Assim, estariam justificadas sua política destinada a “garantir a governabilidade” e a defesa das “medidas possíveis” dentro dos limites do capitalismo. Por isso, seu projeto se limitou a coisas como apoiar a Lei de Responsabilidade Fiscal (LRF) da burguesia, ao mesmo tempo que promovia o Bolsa Família, um neoliberalismo com renda mínima.

Contudo, não há maior capacidade de se impor uma correlação de forças favorável aos trabalhadores do que uma mobilização social que colocou milhões nas ruas, pondo todo o país de ponta-cabeça. Essa foi a possibilidade aberta pelo Junho de 2013.

As pautas e as reivindicações poderiam ser difusas no início. Mas logo foram ficando mais nítidas, assim como foi se revelando a insatisfação popular como pano de fundo de tudo aquilo.

Sem choque com o capital

Eis que diante das talvez maiores manifestações da nossa História, o que fez o PT? Enfrentou as manifestações em defesa dos capitalistas. Não deu um passo na direção da garantia dos direitos sociais e dos serviços públicos de qualidade que estavam sendo cobrados na rua.

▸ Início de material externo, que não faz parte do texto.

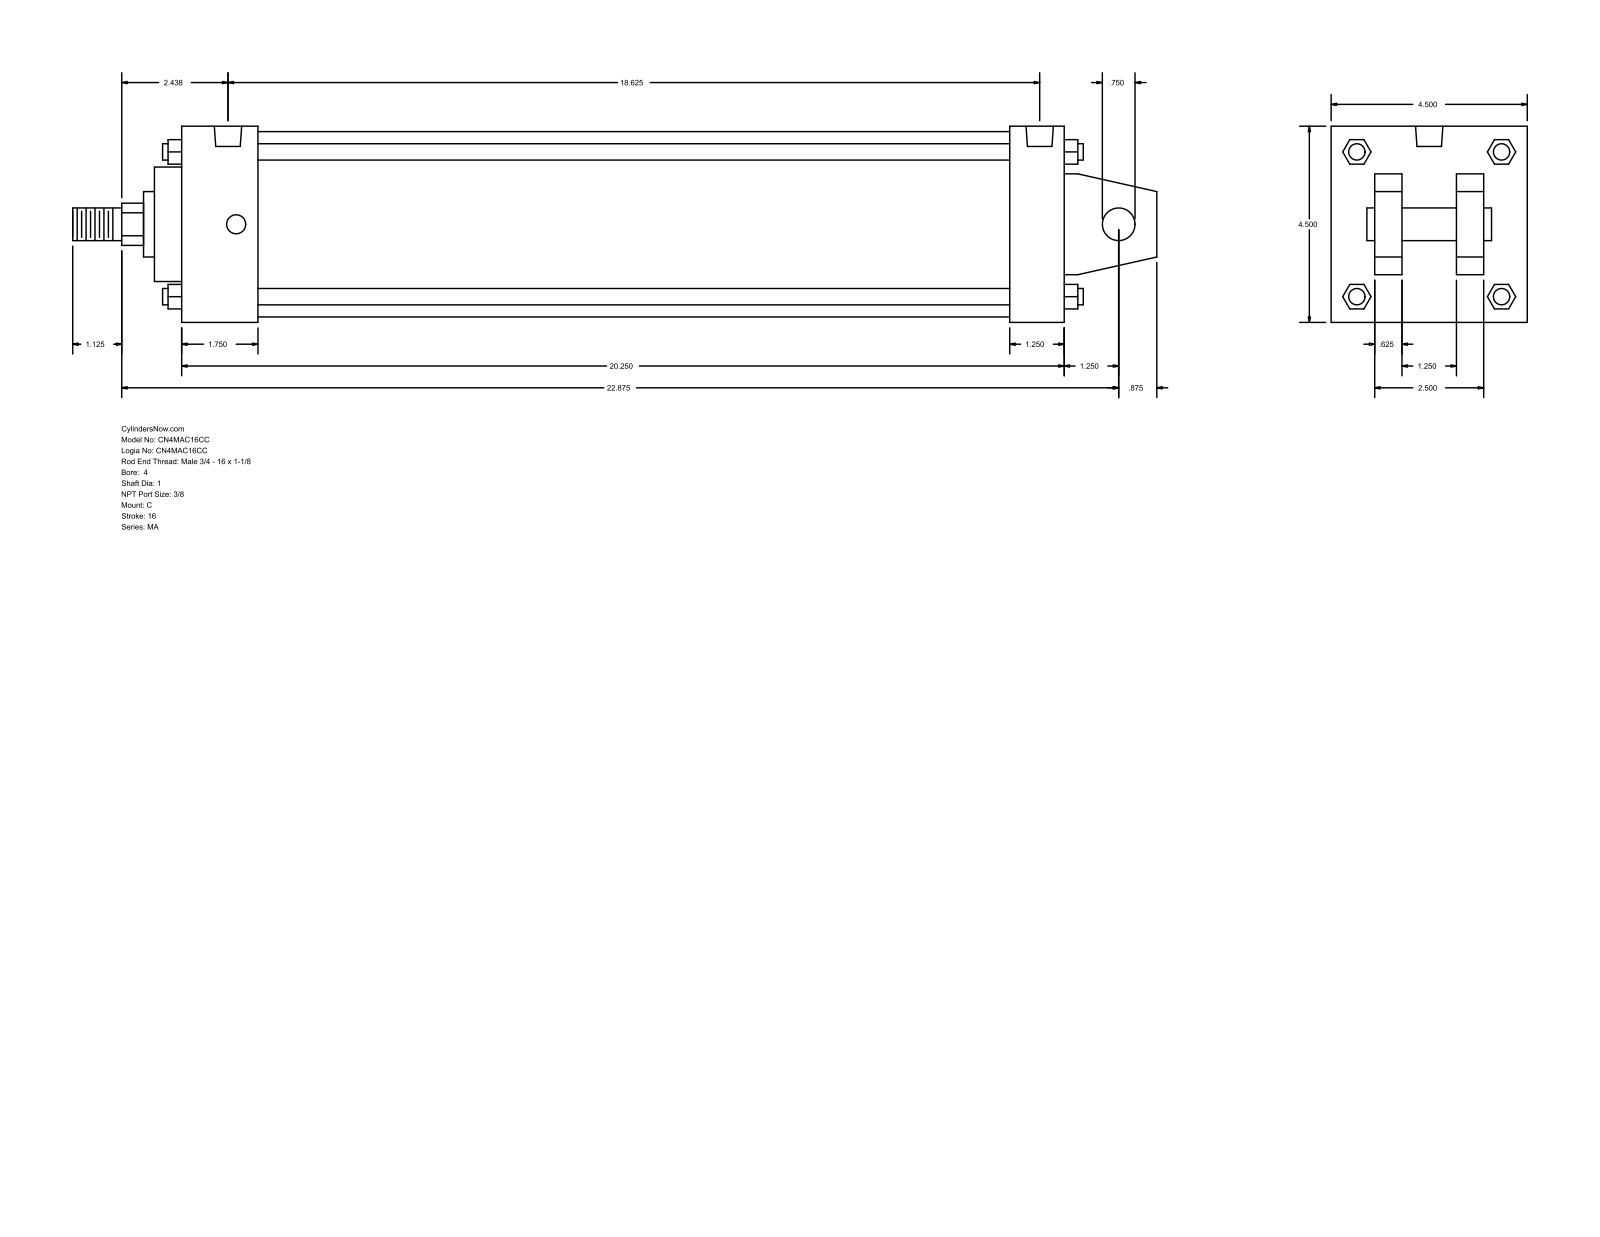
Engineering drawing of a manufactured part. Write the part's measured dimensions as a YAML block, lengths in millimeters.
part_name: "MA_C__0400_1"
step_written_by: "GSSL Pune (CONFIG_CONTROL_DESIGN)"
units: millimeters
bodies: {solids: 0, faces: 141, planar: 109, cylindrical: 32, other: 0}
overall_size: [631.83, 114.3, 114.3]
round_holes:
  - {diameter: 11.11, count: 4}
  - {diameter: 15.93, count: 2}
round_bosses_or_shafts:
  - {diameter: 9.53, count: 4}
  - {diameter: 19.05, count: 2}
  - {diameter: 107.95, count: 1}
  - {diameter: 66.67, count: 1}
  - {diameter: 38.1, count: 1}
  - {diameter: 25.4, count: 1}
partial_cylinders:
  - {radius: 12.29, count: 1}
face_to_face_distances: [114.3, 514.35, 15.87, 73.03, 41.27, 25.4, 88.9, 47.63, 482.6, 31.75]
hole_center_spacings: [4.76, 463.56, 468.32, 473.08]
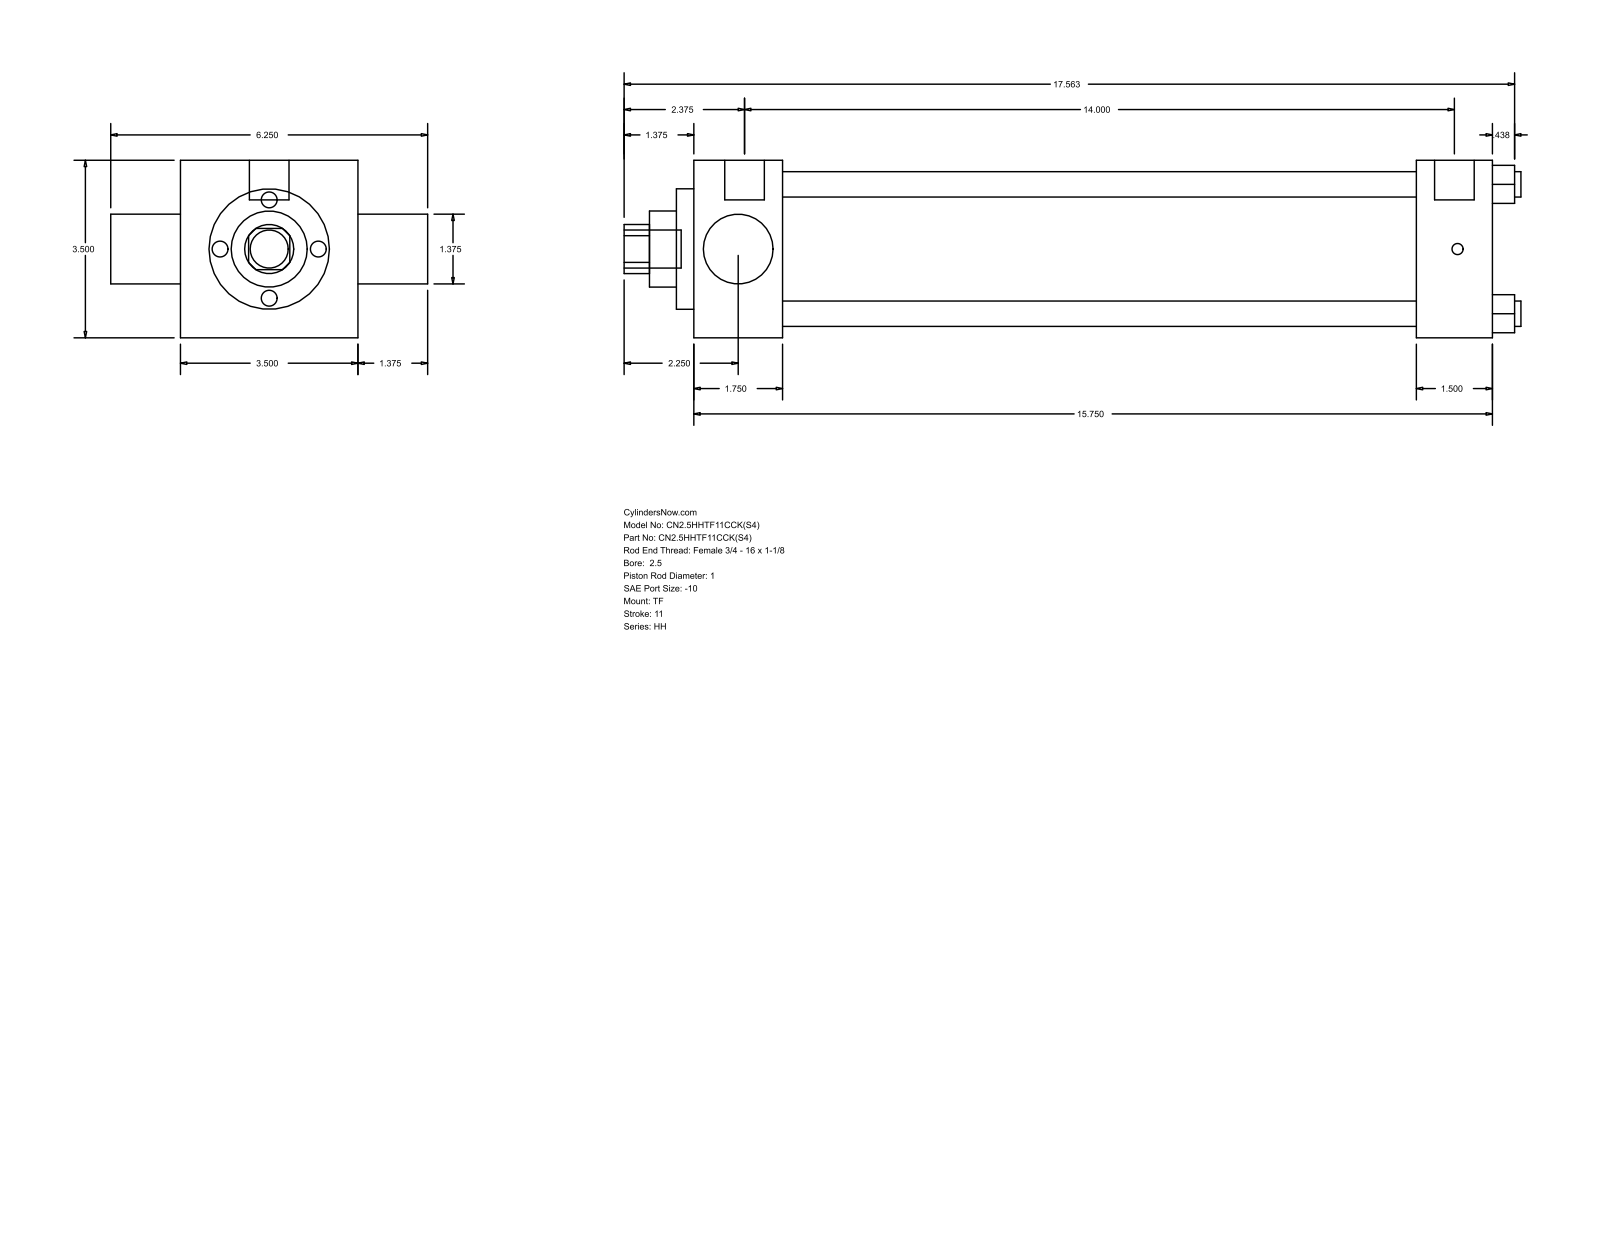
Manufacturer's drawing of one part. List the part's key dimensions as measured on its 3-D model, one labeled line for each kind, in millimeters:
Part name (STEP PRODUCT): HH_TF__0250_1
STEP written by: GSSL Pune (CONFIG_CONTROL_DESIGN)
Units: millimetres
Bodies: 0 solids, 86 faces (61 planar, 25 cylindrical, 0 other)
Overall size (bounding box): 449.26 × 158.75 × 88.9
Round holes (diameter × count): ⌀12.7 ×4, ⌀25.4 ×1, ⌀34.92 ×1, ⌀38.1 ×1, ⌀60.33 ×1, ⌀73.03 ×1
Round bosses / shafts (diameter × count): ⌀5.56 ×3, ⌀19.84 ×2, ⌀19.05 ×1
Partial cylindrical surfaces — rounded edges, fillets, slot ends (radius × count): R12.29 ×1
Main face-to-face distances: 88.9, 400.06, 44.46, 355.6, 361.96, 317.5, 38.1, 34.93, 123.83, 8.73
Hole centre spacings: 45.79, 64.76, 91.58

Assumiu essa postura porque isso se chocaria com os interesses capitalistas. O problema não era falta de correlação de forças, mas sim o programa do PT, forjado para atender à burguesia e não aos anseios do povo.

Em entrevista ao jornal Estado de S. Paulo, em 1º/6/2023, Jilmar Tatto, deputado do PT, disse que as manifestações representaram um divisor de águas histórico porque tudo aquilo motivou o processo político que culminou com a queda de Dilma”.

O que ele não disse foi que, no calor das manifestações de 2013 e 2014, para ser reeleita, a presidente Dilma teve que fazer um discurso mais à esquerda, contra Aécio Neves e o neoliberalismo, prometendo que jamais atacaria os direitos dos trabalhadores.

Contudo, após vencer as eleições, Dilma cometeu um estelionato eleitoral contra os trabalhadores e a juventude para, mais uma vez, atender às exigências do mercado. Ou seja, dos capitalistas de sempre.